For C#, it is slightly more complicated. You need to subclass the the BasicQnAMakerDialog with something that sends a message with speak attached. This is done as an inner class of RootDialog (from the V3 C# template that comes with Azure Web App Bots.

    // Dialog for QnAMaker GA service
    [Serializable]
    public class BasicQnAMakerDialog : QnAMakerDialog
    {
        // Go to https://qnamaker.ai and feed data, train & publish your QnA Knowledgebase.
        // Parameters to QnAMakerService are:
        // Required: qnaAuthKey, knowledgebaseId, endpointHostName
        // Optional: defaultMessage, scoreThreshold[Range 0.0 – 1.0]
        public BasicQnAMakerDialog() : base(new QnAMakerService(new QnAMakerAttribute(RootDialog.qnaAuthKey, RootDialog.qnaKBId, "No good match in FAQ.", 0.5, 1, RootDialog.endpointHostName)))
        { }

        // Override to also include the knowledgebase question with the answer on confident matches
        protected override async Task RespondFromQnAMakerResultAsync(IDialogContext context, IMessageActivity message, QnAMakerResults results)
        {
            if (results.Answers.Count > 0)
            {
                IMessageActivity response = context.MakeMessage();
                response.Text = "Here is the match from FAQ:  \r\n  Q: " + results.Answers[0].Questions[0] + "  \r\n A: " + results.Answers[0].Answer;
                response.Speak = response.Text;
                response.InputHint = "acceptingInput";
                await context.PostAsync(response);
            }
        }
    }

(See GitHub QnAMaker patch for a V4 C# example.)

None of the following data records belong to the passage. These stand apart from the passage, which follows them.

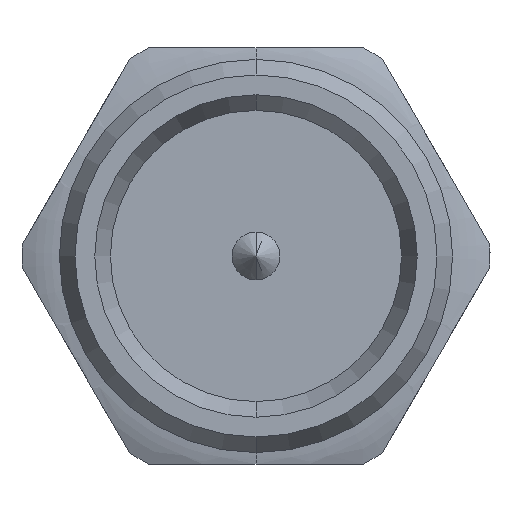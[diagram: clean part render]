
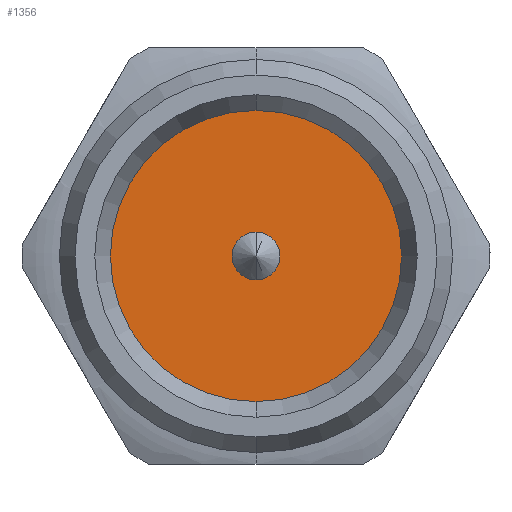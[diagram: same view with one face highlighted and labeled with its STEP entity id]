
A CAD part, left-side view. The second image highlights one B-rep face of the part: STEP entity #1356.
In plain terms, the highlighted planar face has unit normal (-1, 0, 0).
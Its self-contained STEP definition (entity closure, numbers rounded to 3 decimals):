
#43 = CARTESIAN_POINT ( 'NONE',  ( -9.44, 0., -0.46 ) ) ;
#54 = AXIS2_PLACEMENT_3D ( 'NONE', #1103, #478, #1202 ) ;
#68 = CARTESIAN_POINT ( 'NONE',  ( -9.44, 0., 0.073 ) ) ;
#76 = DIRECTION ( 'NONE',  ( -1., 0., 0. ) ) ;
#101 = EDGE_CURVE ( 'NONE', #1037, #804, #958, .T. ) ;
#104 = CIRCLE ( 'NONE', #54, 2.8 ) ;
#117 = ORIENTED_EDGE ( 'NONE', *, *, #101, .F. ) ;
#162 = EDGE_CURVE ( 'NONE', #1088, #482, #592, .T. ) ;
#248 = AXIS2_PLACEMENT_3D ( 'NONE', #1033, #306, #731 ) ;
#266 = DIRECTION ( 'NONE',  ( 1., 0., 0. ) ) ;
#279 = CARTESIAN_POINT ( 'NONE',  ( -9.44, 0., 2.8 ) ) ;
#306 = DIRECTION ( 'NONE',  ( -1., 0., 0. ) ) ;
#335 = AXIS2_PLACEMENT_3D ( 'NONE', #886, #266, #1101 ) ;
#359 = FACE_BOUND ( 'NONE', #1262, .T. ) ;
#364 = EDGE_CURVE ( 'NONE', #482, #1088, #1265, .T. ) ;
#428 = AXIS2_PLACEMENT_3D ( 'NONE', #68, #76, #810 ) ;
#434 = CARTESIAN_POINT ( 'NONE',  ( -9.44, 0., -2.8 ) ) ;
#446 = EDGE_LOOP ( 'NONE', ( #117, #609 ) ) ;
#478 = DIRECTION ( 'NONE',  ( 1., 0., 0. ) ) ;
#482 = VERTEX_POINT ( 'NONE', #519 ) ;
#519 = CARTESIAN_POINT ( 'NONE',  ( -9.44, 0., 0.46 ) ) ;
#527 = ORIENTED_EDGE ( 'NONE', *, *, #162, .F. ) ;
#585 = CARTESIAN_POINT ( 'NONE',  ( -9.44, 0., 0. ) ) ;
#592 = CIRCLE ( 'NONE', #626, 0.46 ) ;
#604 = PLANE ( 'NONE',  #428 ) ;
#606 = FACE_OUTER_BOUND ( 'NONE', #446, .T. ) ;
#609 = ORIENTED_EDGE ( 'NONE', *, *, #852, .F. ) ;
#626 = AXIS2_PLACEMENT_3D ( 'NONE', #585, #691, #1107 ) ;
#691 = DIRECTION ( 'NONE',  ( -1., 0., 0. ) ) ;
#731 = DIRECTION ( 'NONE',  ( 0., 0., 1. ) ) ;
#804 = VERTEX_POINT ( 'NONE', #279 ) ;
#810 = DIRECTION ( 'NONE',  ( 0., 0., 1. ) ) ;
#852 = EDGE_CURVE ( 'NONE', #804, #1037, #104, .T. ) ;
#886 = CARTESIAN_POINT ( 'NONE',  ( -9.44, 0., 0. ) ) ;
#958 = CIRCLE ( 'NONE', #335, 2.8 ) ;
#981 = ORIENTED_EDGE ( 'NONE', *, *, #364, .F. ) ;
#1033 = CARTESIAN_POINT ( 'NONE',  ( -9.44, 0., 0. ) ) ;
#1037 = VERTEX_POINT ( 'NONE', #434 ) ;
#1088 = VERTEX_POINT ( 'NONE', #43 ) ;
#1101 = DIRECTION ( 'NONE',  ( 0., 0., 1. ) ) ;
#1103 = CARTESIAN_POINT ( 'NONE',  ( -9.44, 0., 0. ) ) ;
#1107 = DIRECTION ( 'NONE',  ( 0., 0., 1. ) ) ;
#1202 = DIRECTION ( 'NONE',  ( 0., 0., 1. ) ) ;
#1262 = EDGE_LOOP ( 'NONE', ( #527, #981 ) ) ;
#1265 = CIRCLE ( 'NONE', #248, 0.46 ) ;
#1356 = ADVANCED_FACE ( 'NONE', ( #359, #606 ), #604, .T. ) ;

Getting the most out of your free Azure subscription for development.

I discovered why my Azure free trial was eating cash. It seems that the free trial defaults to reasonable paid service tiers, and not the free development tiers. So when you set up your Microsoft account (MSA) for development purposes, make sure you double and tripple check that the plan you pick starts with an F (for free) and not an S.

When you use bot builder or QnA builder, you might need to go back after you create a project from template and change the "App Service Plan" to something free. If you see your $ decreasing and you're not doing anything - you've configured something incorrectly.


Thursday, 12 July 2018

Building Bots in Azure

I am starting to build Cortana bots. So far its been interesting.

I had trouble building the Azure function bots from template. The node.js example for the simple "echo" bot... First crack, the Azure "Test in Web Chat" didn't work. Errors implied there was a permission issue.

I tried again, and had a deployment error on the bot function template.

I tried again, and on the third try it deployed. To my knowledge, I did nothing differently.

The advantage of a function bot over a web app bot is supposedly pay per invocation (that should be cheaper, right)? The issue with the example code for node.js on the function bot is that every potential used library is embedded in the index.js code where the two line "echo" functionality is embedded in the middle!

WHY?  Why? Well, javascript as a language doesn't have a '#include' statement. Client side, you do the includes on the document for your browser to take care of.

In node, we have requires... that allows us to load modules. But why is this not used in the function bot example? I figure its a work around. But the down side is this: every time I edit the function in the portal for this example, I am touching a 200K line file!